= Irv Homer =

Irving Homer (May 29, 1924 - June 24, 2009) was an American radio talk show host and television personality, primarily in the Philadelphia, Pennsylvania market.

==Early career==
Born in Philadelphia, Homer was an Army Air Force veteran of World War II, flying B-17 Flying Fortress planes out of Italy with the 15th Air Force. He flew 15 bombing missions as a pilot. For several years after the war, he was a member of the Reserves. He spent much of his adult life in a variety of careers, including bartending (he owned two taverns) and selling equipment for a pizza company.

In the 1972 U.S. presidential election, Homer was the vice presidential running mate to John Mahalchik on the America First party ticket. Mahalchik and Homer garnered 1,743 popular votes, and zero electoral votes in their unsuccessful election bid.

==Radio career==
After stints at several small suburban Philadelphia talk radio stations in the late 1960s and early 1970s, he joined WWDB-FM in Philadelphia, and hosted a talk show on current affairs from 1975 until 2000, when the station changed its format to music. His show was the top talk show for most of that time. During his time at WWDB, Homer became a vocal and notable public presence in the resurgent anti-tax movement. This ultimately led to him being labeled by the IRS as a V.T.P., or Violent Tax Protestor, a title he referred to as a dubious honor, given that his "violence" was simply free speech under the 1st Amendment. Starting in 1991, he appeared as a regular panelist on Inside Story, a news and public affairs show on Philadelphia's ABC affiliate, WPVI-TV.

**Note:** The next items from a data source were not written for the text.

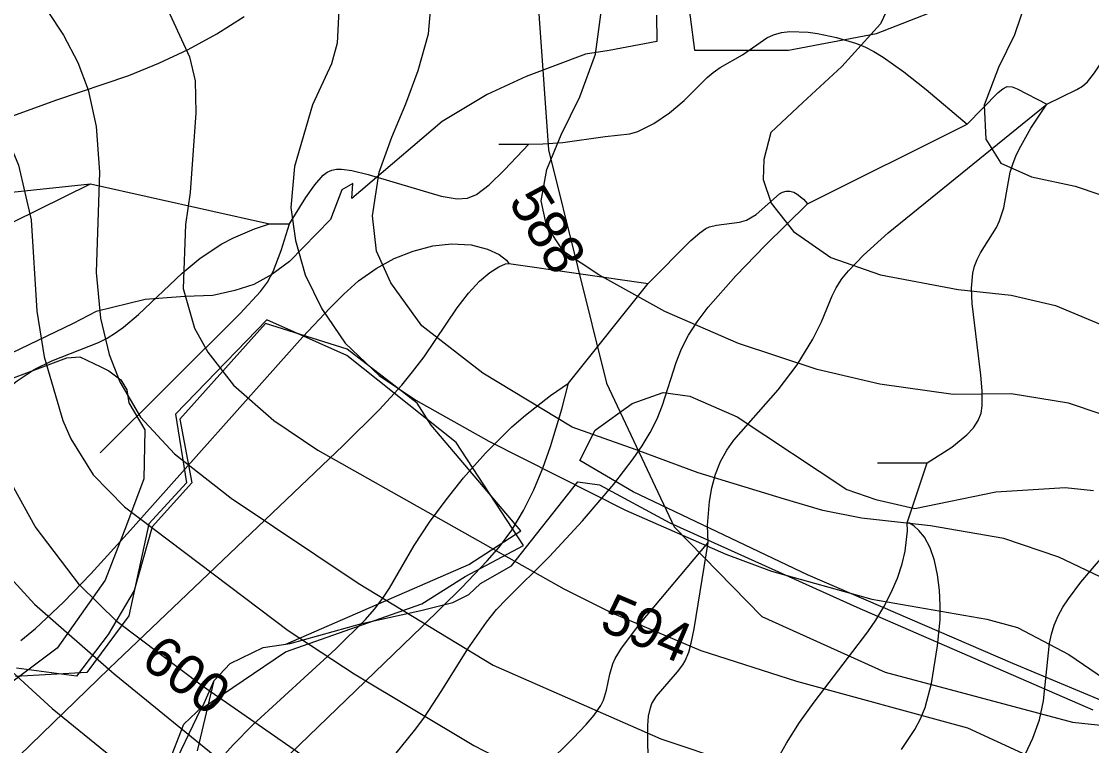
# Model space of a CAD drawing. Extents: x -709584 to -702006, y -1161789 to -1157496.
# Drawn here: x -706204.3 to -705935.7, y -1159597.9 to -1159416.2 of the extents above; entities that cross this region are included whole.
import ezdxf

# ---------------------------------------------------------------- set-up
doc = ezdxf.new("R2010")
doc.units = 0
for name, color, linetype in [('102_obvod PÚ', 7, 'Continuous'), ('120_vrstevnice hlavní', 7, 'Continuous'), ('121_vrstevnice hlavní_popis', 7, 'Continuous'), ('122_vrstevnice základní', 7, 'Continuous'), ('408_BPEJ_linie', 7, 'Continuous'), ('411_akumulovaný odtok', 7, 'Continuous'), ('419_LPIS PB', 7, 'Continuous')]:
    doc.layers.add(name, color=color, linetype=linetype)

msp = doc.modelspace()

# ---------------------------------------------------------------- linework, layer by layer
at = {"layer": '102_obvod PÚ'}
for points in [[(-706037.57, -1159406.69), (-706035.36, -1159423.47), (-706011.83, -1159423.45), (-705989.7, -1159419.24), (-705943.39, -1159401.12)], [(-706181.69, -1159691.02), (-706187.36, -1159679.89), (-706183.63, -1159651.54), (-706174.83, -1159621.23), (-706159.25, -1159588.81), (-706137.99, -1159574.35), (-706103.78, -1159562.33), (-706092.93, -1159555.48), (-706078.27, -1159547.73), (-706095.18, -1159521.9), (-706122.65, -1159500.07), (-706142.7, -1159491.07), (-706165.58, -1159514.77), (-706162.9, -1159531.96), (-706172.29, -1159542.26), (-706177.32, -1159565.38), (-706187.84, -1159579.54), (-706205.79, -1159580.54)]]:
    msp.add_lwpolyline(points, dxfattribs=at)
at = {"layer": '120_vrstevnice hlavní'}
for points in [[(-705926.57, -1159558.89), (-705943.93, -1159550.62), (-705957.74, -1159545.94), (-705976.17, -1159542.78), (-705993.49, -1159540.84), (-706003.21, -1159538.91), (-706012.77, -1159536.13), (-706034.5, -1159529.46), (-706050.02, -1159523.75), (-706066.04, -1159518.03), (-706088.5, -1159504.45), (-706103.81, -1159492.59), (-706111.62, -1159481.79), (-706115.16, -1159473.91), (-706116.15, -1159465.02), (-706114.55, -1159454.1), (-706111.31, -1159445.31), (-706107.86, -1159436.95), (-706104.74, -1159428.6), (-706102.13, -1159419.39), (-706101.41, -1159410.68)], [(-705977.91, -1159672.33), (-705989.06, -1159660.26), (-706004.08, -1159649.39), (-706019.52, -1159641.67), (-706040.12, -1159634.8), (-706092.5, -1159622.27), (-706100.47, -1159619.21), (-706133.93, -1159600.34), (-706158.82, -1159583.03), (-706180.27, -1159566.87), (-706189.71, -1159557.58), (-706200.86, -1159542.99), (-706206.16, -1159533.27), (-706213.45, -1159513.82), (-706215.59, -1159504.09), (-706219.03, -1159474.92), (-706221.74, -1159460.33), (-706226.89, -1159445.74), (-706238.05, -1159421.43), (-706240.91, -1159411.7)]]:
    msp.add_lwpolyline(points, dxfattribs=at)
at = {"layer": '122_vrstevnice základní'}
for points in [[(-705954.31, -1159568.3), (-705941.44, -1159575.03), (-705918.27, -1159590.9), (-705910.55, -1159595.05), (-705905.4, -1159596.62), (-705895.1, -1159597.34), (-705889.38, -1159595.91), (-705883.66, -1159593.62), (-705876.08, -1159588.9), (-705866.93, -1159581.03), (-705854.63, -1159567.16), (-705826.17, -1159528.98), (-705814.87, -1159511.81), (-705807.15, -1159497.51), (-705799.14, -1159480.35), (-705793.13, -1159463.19), (-705787.84, -1159443.17), (-705780.41, -1159400.26)], [(-706268.51, -1159404.27), (-706266.51, -1159427.15), (-706263.65, -1159440.88), (-706259.07, -1159452.32), (-706251.49, -1159475.2), (-706247.63, -1159491.22), (-706243.34, -1159514.1), (-706239.62, -1159527.83), (-706228.04, -1159553), (-706223.18, -1159560.44), (-706215.45, -1159570.16), (-706207.59, -1159578.46), (-706196.58, -1159588.61), (-706173.83, -1159607.06), (-706146.81, -1159626.23), (-706132.79, -1159633.95), (-706112.77, -1159642.67), (-706092.75, -1159649.39), (-706078.73, -1159653.11), (-706056.94, -1159662.66)], [(-706227.61, -1159404.27), (-706221.03, -1159420.28), (-706207.87, -1159445.46), (-706205.01, -1159452.32), (-706201.87, -1159466.05), (-706200.44, -1159488.93), (-706198.58, -1159500.37), (-706193.86, -1159516.39), (-706191.85, -1159520.97), (-706186.28, -1159529.98), (-706178.41, -1159537.99), (-706137.37, -1159569.02), (-706120.78, -1159579.89), (-706090.75, -1159597.91), (-706080.73, -1159603.06), (-706058.71, -1159611.78), (-706008.66, -1159627.23), (-705996.64, -1159632.52), (-705980.62, -1159642.24), (-705963.32, -1159656.69), (-705947.18, -1159676.09)], [(-705982.87, -1159404.41), (-705988.75, -1159416.86), (-705998.38, -1159427.58), (-706008.17, -1159436.6), (-706016.22, -1159444.08), (-706017.96, -1159450.91), (-706018.16, -1159455.87), (-706016.14, -1159461.87), (-706010.53, -1159468.91), (-706001.16, -1159475.45), (-705988.7, -1159479.78), (-705969.22, -1159483.47), (-705955.89, -1159484.91), (-705944.79, -1159487.53), (-705930.96, -1159493.24), (-705916.26, -1159498.78), (-705908.05, -1159498.65), (-705901.2, -1159496.29), (-705895.2, -1159491.71), (-705888.1, -1159485.02), (-705882.25, -1159477.53), (-705877.07, -1159467.98), (-705872.73, -1159453.47), (-705868.54, -1159437.24)], [(-706201.58, -1159407.7), (-706193.71, -1159419.71), (-706190.14, -1159426.58), (-706187.57, -1159433.44), (-706185.56, -1159442.59), (-706184.7, -1159454.04), (-706185.56, -1159479.21), (-706184.42, -1159490.65), (-706182.27, -1159499.8), (-706179.56, -1159506.67), (-706174.41, -1159515.53), (-706165.83, -1159524.69), (-706151.67, -1159535.84), (-706119.78, -1159557.15), (-706085.88, -1159577.74), (-706043.84, -1159596.19), (-706025.82, -1159602.2), (-706005.8, -1159605.63), (-705995.78, -1159608.35)], [(-705952, -1159410.39), (-705955.12, -1159419.61), (-705959.1, -1159427.8), (-705962.71, -1159437.24), (-705962.24, -1159445.8), (-705958.51, -1159451.8), (-705950.83, -1159455.27), (-705939.89, -1159457.54), (-705927.25, -1159461.88), (-705918.88, -1159464.66), (-705911.7, -1159465.72), (-705905.53, -1159464.22), (-705899.35, -1159459.8), (-705893.5, -1159452.47), (-705889.52, -1159443.59), (-705887.93, -1159434.02), (-705885.97, -1159418.12), (-705884.87, -1159409)], [(-706254.64, -1159411.13), (-706249.92, -1159431.73), (-706240.77, -1159452.32), (-706235.76, -1159466.05), (-706231.33, -1159486.64), (-706227.9, -1159514.1), (-706226.18, -1159520.97), (-706220.6, -1159534.7), (-706211.59, -1159550.86), (-706201.01, -1159562.44), (-706180.99, -1159579.89), (-706154.82, -1159601.2), (-706135.37, -1159614.93), (-706109.62, -1159630.37), (-706099.33, -1159635.66), (-706092.46, -1159638.09), (-706080.45, -1159640.81), (-706068.43, -1159642.24), (-706046.12, -1159648.96), (-706039.26, -1159651.82), (-706028.96, -1159657.69), (-706016.88, -1159667.56)], [(-706168.54, -1159411.13), (-706162.11, -1159425.15), (-706160.68, -1159431.15), (-706160.54, -1159439.16), (-706161.96, -1159459.19), (-706163.11, -1159467.19), (-706163.68, -1159483.21), (-706160.82, -1159493.22), (-706157.53, -1159499.23), (-706151.1, -1159507.52), (-706140.94, -1159516.39), (-706129.93, -1159523.83), (-706068.15, -1159558.58), (-706056.14, -1159564.59), (-706033.83, -1159574.03), (-706009.8, -1159581.75), (-705966.9, -1159593.48), (-705944.58, -1159603.77), (-705934.29, -1159610.64), (-705907.69, -1159631.37)], [(-706124.64, -1159413.42), (-706125.07, -1159421.72), (-706126.5, -1159426.86), (-706131.22, -1159437.16), (-706135.79, -1159452.61), (-706136.65, -1159462.9), (-706135.51, -1159471.2), (-706133.08, -1159479.78), (-706128.93, -1159488.36), (-706123.07, -1159496.94), (-706114.48, -1159505.09), (-706105.33, -1159511.24), (-706087.03, -1159521.54), (-706052.7, -1159538.84), (-706027.53, -1159549.86), (-706016.09, -1159554.15), (-705990.92, -1159561.15), (-705962.03, -1159566.16), (-705954.31, -1159568.3)], [(-705925.14, -1159517.52), (-705941.52, -1159511.97), (-705955.94, -1159509.7), (-705970.46, -1159509.8), (-705988.88, -1159507.27), (-706004.59, -1159503.6), (-706024.38, -1159497.01), (-706042.8, -1159489.05), (-706059.4, -1159479.79), (-706068.26, -1159473.94), (-706072.5, -1159467.42), (-706073.84, -1159461.26), (-706072.43, -1159453.41), (-706068.8, -1159444.71), (-706064.14, -1159435.16), (-706060.25, -1159424.49), (-706058.66, -1159412.7)]]:
    msp.add_lwpolyline(points, dxfattribs=at)
at = {"layer": '408_BPEJ_linie'}
for points in [[(-706111, -1159181.5), (-706096, -1159213), (-706094.5, -1159219), (-706079, -1159351), (-706075.5, -1159399), (-706072, -1159448.5), (-706057.5, -1159507), (-706040.5, -1159543), (-706018.5, -1159565.5), (-705987.5, -1159579.5), (-705940.5, -1159592), (-705917, -1159594.5), (-705903, -1159596), (-705878, -1159603), (-705866, -1159612), (-705861.5, -1159617.5), (-705858.5, -1159622.5)], [(-706216.5, -1159639.5), (-706203.5, -1159642.5), (-706185.5, -1159654), (-706184.5, -1159646.5), (-706163.5, -1159592.5), (-706158.73, -1159588), (-706155.88, -1159581.61), (-706151.87, -1159577.34), (-706143.61, -1159573.33), (-706137.91, -1159572.48), (-706092, -1159552.5), (-706079, -1159544), (-706101.5, -1159517.5), (-706105, -1159512), (-706122.5, -1159498.5), (-706143, -1159492), (-706164.5, -1159516), (-706161.5, -1159532), (-706171.5, -1159543), (-706176, -1159559), (-706182.5, -1159570), (-706190.5, -1159580.5), (-706205.5, -1159578.5)]]:
    msp.add_lwpolyline(points, dxfattribs=at)
at = {"layer": '411_akumulovaný odtok'}
for p, q in [((-706006.99, -1159462), (-705966.99, -1159442)), ((-706084.49, -1159447), (-706076.99, -1159447)), ((-706186.99, -1159457), (-706141.99, -1159467)), ((-706141.99, -1159467), (-706136.99, -1159467)), ((-706081.99, -1159477), (-706046.99, -1159482)), ((-706066.99, -1159507), (-706046.99, -1159482)), ((-705989.49, -1159527), (-705976.99, -1159527)), ((-705981.99, -1159542), (-705976.99, -1159527))]:
    msp.add_line(p, q, dxfattribs=at)
for points in [[(-706221.91, -1159445.56), (-706195.67, -1159435.99), (-706177.36, -1159429.81), (-706169.83, -1159426.74), (-706162.45, -1159423.26), (-706155.28, -1159419.36), (-706148.36, -1159415.02)], [(-706076.99, -1159447), (-706073.44, -1159446.97), (-706068.46, -1159446.66), (-706057.79, -1159445.08), (-706051.6, -1159444.46), (-706049.6, -1159443.86), (-706045.58, -1159441.88), (-706041.66, -1159439.22), (-706038, -1159436.1), (-706032.23, -1159430.28), (-706030.72, -1159429.03), (-706028.91, -1159427.84), (-706023.33, -1159424.67), (-706017.22, -1159420.39), (-706015.59, -1159419.61), (-706013.58, -1159419.06), (-706011.44, -1159418.81), (-706006.88, -1159418.96), (-706004.51, -1159419.27), (-705999.72, -1159420.25), (-705994.98, -1159421.7), (-705992.68, -1159422.65), (-705990.35, -1159423.83), (-705988.07, -1159425.19), (-705982.88, -1159428.9), (-705977.29, -1159433.35), (-705966.99, -1159442)], [(-705946.99, -1159437), (-705939.45, -1159433.29), (-705938.03, -1159432.45), (-705936.77, -1159431.4), (-705935.02, -1159429.13), (-705926.99, -1159417)], [(-705966.99, -1159442), (-705959.14, -1159434.06), (-705958.05, -1159433.12), (-705956.9, -1159432.56), (-705955.68, -1159432.69), (-705954.4, -1159433.2), (-705946.99, -1159437)], [(-706031.99, -1159547), (-706032.09, -1159542.71), (-706031.65, -1159536.66), (-706031.07, -1159533.26), (-706030.15, -1159529.85), (-706028.84, -1159526.66), (-706027.24, -1159523.76), (-706025.49, -1159521.25), (-706014.36, -1159508.7), (-706009.61, -1159502.41), (-706005.69, -1159495.99), (-706003.51, -1159491.57), (-706000.85, -1159485.1), (-705999.82, -1159483.06), (-705998.39, -1159480.86), (-705996.75, -1159478.78), (-705993, -1159474.86), (-705986.76, -1159469.29), (-705946.99, -1159437)], [(-705976.99, -1159527), (-705970.81, -1159523.05), (-705967.02, -1159519.93), (-705965.41, -1159518.18), (-705964.19, -1159516.36), (-705963.47, -1159514.5), (-705963.2, -1159512.69), (-705963.19, -1159508.92), (-705963.53, -1159505.01), (-705965.71, -1159487.04), (-705965.86, -1159483.15), (-705965.57, -1159479.43), (-705965.14, -1159477.66), (-705964.47, -1159475.97), (-705963.61, -1159474.34), (-705959.63, -1159467.96), (-705958.81, -1159466.29), (-705957.76, -1159462.97), (-705956.14, -1159454.1), (-705955.54, -1159452.09), (-705954.63, -1159449.82), (-705953.51, -1159447.5), (-705951, -1159443.06), (-705946.99, -1159437)], [(-706136.99, -1159467), (-706132.92, -1159460.41), (-706130.69, -1159457.2), (-706128.54, -1159454.81), (-706127.52, -1159454.07), (-706126.42, -1159453.56), (-706125.25, -1159453.33), (-706124, -1159453.31), (-706121.37, -1159453.66), (-706117.24, -1159454.68), (-706098.98, -1159460.06), (-706094.9, -1159460.76), (-706092.35, -1159460.62), (-706090.07, -1159459.67), (-706086.87, -1159457.25), (-706083.07, -1159453.48), (-706076.99, -1159447)], [(-706301.99, -1159477), (-706268.57, -1159477.26), (-706261.51, -1159477.04), (-706256.91, -1159476.55), (-706252.5, -1159475.49), (-706250.5, -1159474.67), (-706246.65, -1159472.59), (-706237.31, -1159466.46), (-706233.47, -1159464.24), (-706231.48, -1159463.31), (-706227.09, -1159461.9), (-706222.52, -1159460.95), (-706215.49, -1159459.96), (-706186.99, -1159457)], [(-706279.49, -1159492), (-706255.08, -1159492.31), (-706247.02, -1159492.22), (-706241.2, -1159491.62), (-706239.36, -1159491.19), (-706237.59, -1159490.57), (-706235.93, -1159489.72), (-706232.8, -1159487.53), (-706229.84, -1159484.94), (-706219.66, -1159475.19), (-706214.97, -1159471.52), (-706211.65, -1159469.46), (-706206.47, -1159466.64), (-706186.99, -1159457)], [(-706046.99, -1159482), (-706036.31, -1159471.19), (-706034.08, -1159469.26), (-706032.5, -1159468.2), (-706031.65, -1159467.8), (-706029.85, -1159467.32), (-706024.12, -1159466.64), (-706022.32, -1159466.14), (-706019.89, -1159464.67), (-706014.07, -1159459.5), (-706013.26, -1159459.06), (-706012.37, -1159458.81), (-706011.43, -1159458.82), (-706010.49, -1159459.12), (-706009.58, -1159459.62), (-706008.04, -1159460.87), (-706006.99, -1159462)], [(-706120.12, -1159612.04), (-706105.61, -1159594.14), (-706103.29, -1159591.04), (-706098.75, -1159584.13), (-706092.24, -1159573.62), (-706087.6, -1159566.93), (-706085.04, -1159563.81), (-706082.59, -1159561.2), (-706071.76, -1159550.46), (-706063.51, -1159541.54), (-706055.62, -1159532.32), (-706050.75, -1159525.98), (-706048.53, -1159522.74), (-706046.51, -1159519.41), (-706044.78, -1159515.98), (-706043.4, -1159512.5), (-706039.99, -1159501.84), (-706038.63, -1159498.39), (-706036.88, -1159494.98), (-706034.73, -1159491.61), (-706031.94, -1159487.93), (-706025.04, -1159480.06), (-706017.68, -1159472.44), (-706006.99, -1159462)], [(-706256.99, -1159522), (-706238.05, -1159519.94), (-706229.41, -1159518.74), (-706224.59, -1159517.76), (-706222.25, -1159517.13), (-706219.97, -1159516.35), (-706217.79, -1159515.39), (-706215.6, -1159514.15), (-706213.51, -1159512.72), (-706205.38, -1159506.41), (-706201.12, -1159503.57), (-706196.62, -1159501.43), (-706184.96, -1159496.81), (-706182.75, -1159495.67), (-706180.68, -1159494.38), (-706178.7, -1159492.95), (-706174.89, -1159489.79), (-706163.95, -1159479.42), (-706159.39, -1159475.65), (-706153.96, -1159472.07), (-706151.03, -1159470.53), (-706145.78, -1159468.26), (-706141.99, -1159467)], [(-706184.49, -1159524.5), (-706149.37, -1159489.48), (-706144.28, -1159484.03), (-706142.53, -1159481.67), (-706141.1, -1159478.94), (-706139.11, -1159473.72), (-706136.99, -1159467)], [(-706204.46, -1159571.58), (-706200.77, -1159568.57), (-706193.72, -1159561.95), (-706186.9, -1159554.86), (-706176.87, -1159543.85), (-706133.66, -1159495.4), (-706126.86, -1159488.17), (-706123.38, -1159484.69), (-706119.67, -1159481.33), (-706115.25, -1159478.2), (-706110.74, -1159475.76), (-706105.95, -1159473.85), (-706101.08, -1159472.57), (-706096.32, -1159472.03), (-706091.45, -1159472.31), (-706087.32, -1159473.35), (-706084.37, -1159474.74), (-706082.54, -1159476.1), (-706081.99, -1159477)], [(-706231.99, -1159622), (-706230.43, -1159620.61), (-706228.59, -1159619.25), (-706217.39, -1159611.71), (-706213.9, -1159608.93), (-706210.5, -1159605.9), (-706182.28, -1159578.53), (-706123.51, -1159522.63), (-706114.49, -1159513.66), (-706108.82, -1159507.5), (-706106.11, -1159504.19), (-706103.25, -1159500.37), (-706094.93, -1159488.07), (-706092.12, -1159484.43), (-706089.31, -1159481.42), (-706086.72, -1159479.26), (-706084.47, -1159477.82), (-706082.81, -1159477.06), (-706081.99, -1159477)], [(-706221.99, -1159682), (-706103.82, -1159568.14), (-706093.82, -1159558.3), (-706087.41, -1159551.59), (-706084.35, -1159548.07), (-706081.25, -1159543.86), (-706078.28, -1159538.96), (-706075.7, -1159533.72), (-706073.46, -1159528.28), (-706071.53, -1159522.92), (-706068.68, -1159513.54), (-706066.99, -1159507)], [(-706194.49, -1159629.5), (-706183.87, -1159623.96), (-706176.36, -1159619.76), (-706169.01, -1159615.18), (-706165.83, -1159612.9), (-706163.18, -1159610.71), (-706158.27, -1159605.67), (-706151.18, -1159597.71), (-706146.24, -1159592.71), (-706125.35, -1159573.67), (-706117.93, -1159566.28), (-706115.66, -1159563.67), (-706113.57, -1159560.95), (-706111.88, -1159558.4), (-706105.73, -1159547.71), (-706101.9, -1159541.87), (-706097.72, -1159536.22), (-706093.31, -1159530.7), (-706087.81, -1159524.52), (-706081.19, -1159517.98), (-706077.8, -1159514.98), (-706071.55, -1159510.08), (-706066.99, -1159507)], [(-705961.99, -1159644.5), (-705959.61, -1159625.67), (-705958.69, -1159619.56), (-705957.74, -1159614.57), (-705956.52, -1159609.78), (-705955.73, -1159607.45), (-705954.78, -1159605.13), (-705950.51, -1159596.07), (-705948.79, -1159591.43), (-705947.84, -1159586.72), (-705946.31, -1159572.24), (-705945.83, -1159569.92), (-705945.15, -1159567.68), (-705944.16, -1159565.39), (-705942.94, -1159563.2), (-705941.55, -1159561.06), (-705938.43, -1159556.92), (-705931.56, -1159548.88), (-705911.99, -1159527)], [(-706059.49, -1159674.5), (-706039.03, -1159651.15), (-706033.37, -1159643.93), (-706030.1, -1159638.96), (-706027.76, -1159634.26), (-706025.09, -1159627.82), (-706020.25, -1159618.49), (-706019.19, -1159616.09), (-706018.27, -1159613.47), (-706015.94, -1159605.35), (-706015, -1159602.69), (-706013.77, -1159599.95), (-706012.33, -1159597.28), (-706009.03, -1159592.08), (-706005.38, -1159587), (-705991.9, -1159569.39), (-705989.9, -1159566.43), (-705987.9, -1159563.09), (-705986.05, -1159559.53), (-705984.46, -1159555.89), (-705983.25, -1159552.3), (-705982.5, -1159549.11), (-705981.9, -1159544.06), (-705981.99, -1159542)], [(-705983.43, -1159598.92), (-705980.06, -1159593.87), (-705978.68, -1159591.21), (-705977.54, -1159588.34), (-705975.91, -1159582.3), (-705974.4, -1159572.86), (-705973.76, -1159566.38), (-705973.7, -1159562.73), (-705973.9, -1159558.9), (-705974.37, -1159555.08), (-705975.15, -1159551.47), (-705976.25, -1159548.26), (-705977.66, -1159545.63), (-705979.05, -1159543.92), (-705980.37, -1159542.75), (-705981.42, -1159542.1), (-705981.99, -1159542)], [(-706079.49, -1159609.5), (-706065.83, -1159596.07), (-706062.57, -1159592.65), (-706060.58, -1159590.3), (-706058.89, -1159587.82), (-706058.24, -1159586.5), (-706057.44, -1159583.97), (-706056.59, -1159580.01), (-706055.84, -1159577.43), (-706055.25, -1159576.08), (-706053.74, -1159573.5), (-706049.09, -1159567.37), (-706031.99, -1159547)], [(-706046.99, -1159604.5), (-706047.11, -1159592.83), (-706046.91, -1159590.54), (-706046.46, -1159588.4), (-706046.08, -1159587.39), (-706044.95, -1159585.5), (-706039.65, -1159579.43), (-706038.29, -1159577.61), (-706037.71, -1159576.64), (-706036.82, -1159574.49), (-706036.2, -1159572.2), (-706035.49, -1159568.66), (-706031.99, -1159547)]]:
    msp.add_lwpolyline(points, dxfattribs=at)
at = {"layer": '419_LPIS PB'}
for points in [[(-706044.95, -1159414.72), (-706044.82, -1159421.32), (-706056.81, -1159423.56), (-706062.75, -1159424.46), (-706077.66, -1159430.03), (-706087.42, -1159434.55), (-706098.68, -1159441.32), (-706121.4, -1159460.64), (-706121.16, -1159456.87), (-706123.87, -1159458.53), (-706126.69, -1159465.93), (-706136.98, -1159476.45), (-706141.48, -1159479.71), (-706145.99, -1159482.22), (-706150.75, -1159483.73), (-706156.25, -1159484.98), (-706163.26, -1159485.23), (-706173.27, -1159485.99), (-706185.54, -1159489), (-706191.3, -1159492.01), (-706209.07, -1159500.54)], [(-706224.43, -1159512.42), (-706192.89, -1159500.63), (-706189.64, -1159500.38), (-706184.38, -1159502.89), (-706182.38, -1159503.89), (-706179.37, -1159506.15), (-706177.87, -1159508.66), (-706177.37, -1159511.92), (-706173.3, -1159518.7), (-706173.6, -1159531), (-706177.9, -1159542.6), (-706183.3, -1159556.4), (-706195.3, -1159573.5), (-706218.4, -1159590.7)], [(-705910.7, -1159596.03), (-705955.5, -1159577.33), (-706007, -1159555.1), (-706050.75, -1159534.29), (-706064.14, -1159526.39), (-706060.27, -1159518.77), (-706051, -1159512.1), (-706043.22, -1159509.33), (-706036.59, -1159510.29), (-706024.65, -1159515.47), (-705997.18, -1159533.68), (-705989.92, -1159536.19), (-705980.06, -1159538.46), (-705959.73, -1159534.29), (-705942.37, -1159533.18), (-705935.24, -1159533.88)], [(-706160.11, -1159599.2), (-706155.88, -1159581.61), (-706151.87, -1159577.34), (-706143.61, -1159573.33), (-706136.85, -1159572.32), (-706118.83, -1159567.3), (-706104.06, -1159564.04), (-706096.05, -1159562.04), (-706092.05, -1159560.03), (-706089.05, -1159557.27), (-706081.3, -1159552.8), (-706064.68, -1159531.74), (-706059.22, -1159532.53), (-706041.58, -1159542.05), (-705994.66, -1159563.22), (-705935.39, -1159588.97)]]:
    msp.add_lwpolyline(points, dxfattribs=at)

# ---------------------------------------------------------------- texts
at = {"layer": '121_vrstevnice hlavní_popis'}
for s, rotation, p in [('588', 301.3468, (-706082.25, -1159461.42)), ('594', 336.9972, (-706059.59, -1159568.66)), ('600', 323.5329, (-706174.76, -1159577.49))]:
    msp.add_text(s, height=10, rotation=rotation, dxfattribs=at).set_placement(p)

doc.saveas('drawing.dxf')

Post-WWDB, Homer moved his talk show to a small local station, WBCB-AM in Levittown, Pennsylvania. The Irv Homer Show on WBCB aired from 1:00 p.m. to 2:00 p.m. from 2001 until January 2007. For a brief period between 2001 and 2002, Homer also hosted a Sunday evening radio show on CBS-owned Philadelphia news/talk station WPHT-AM.

Up until the time of his death, Homer continued to do periodic hour-long podcasts produced by his son, Ronn Homer, which were posted on his website. Because the show was taped, he did not take calls. In July 2008, he began a live Ustream broadcast, and started taking phone calls.

==Death==
Active until the very end of his life, Homer collapsed while giving a lecture at Eastern University. He was taken to Bryn Mawr Hospital, where he was pronounced dead later that evening.

The Broadcast Pioneers of Philadelphia posthumously inducted Homer into their Hall of Fame in 2010.